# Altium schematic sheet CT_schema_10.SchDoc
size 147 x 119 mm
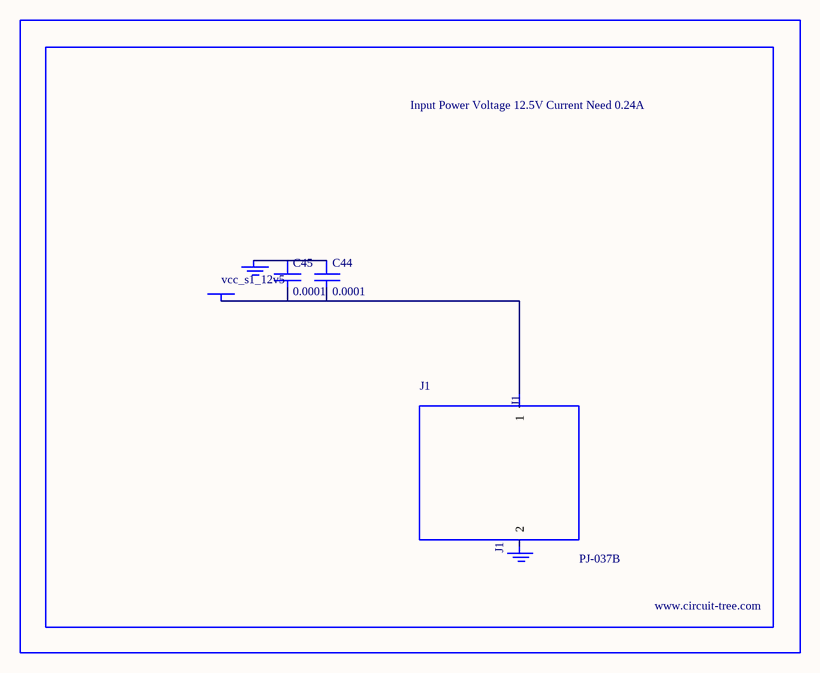
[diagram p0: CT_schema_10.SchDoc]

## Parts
BORDER9  (no value)
C44  0.0001  [EXV-9H]
C45  0.0001  [EXV-9H]
GND_INSTANCE_9_0  (no value)
GND_INSTANCE_9_1  (no value)
J1  PJ-037B  [PJ-037B_PACKAGE]
POWER_INSTANCE_9_0  vcc_s1_12v5

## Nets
NetC44_1: C44.1 C45.1 GND_INSTANCE_9_0.0(GND)
NetC44_2: C44.2 C45.2 J1.1 POWER_INSTANCE_9_0.0(PWR)

Not connected (* = marked no-connect by the designer): GND_INSTANCE_9_1 0(GND); J1 2

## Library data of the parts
BORDER9 = BORDER_PAGE9
C44 C45 = EDK107M035A9HAA
GND_INSTANCE_9_0 GND_INSTANCE_9_1 = GND
POWER_INSTANCE_9_0 = PWR

☆ ☆ ☆ ☆ ☆ ☆ ☆

§ **WHAT THIS TASK INVOLVES**:
Repeat the data verbatim through the "[diagram p0: CT_schema_10.SchDoc]" line, no pictures.

§ **TASK OUTPUT**:
# Altium schematic sheet CT_schema_10.SchDoc
size 147 x 119 mm
[diagram p0: CT_schema_10.SchDoc]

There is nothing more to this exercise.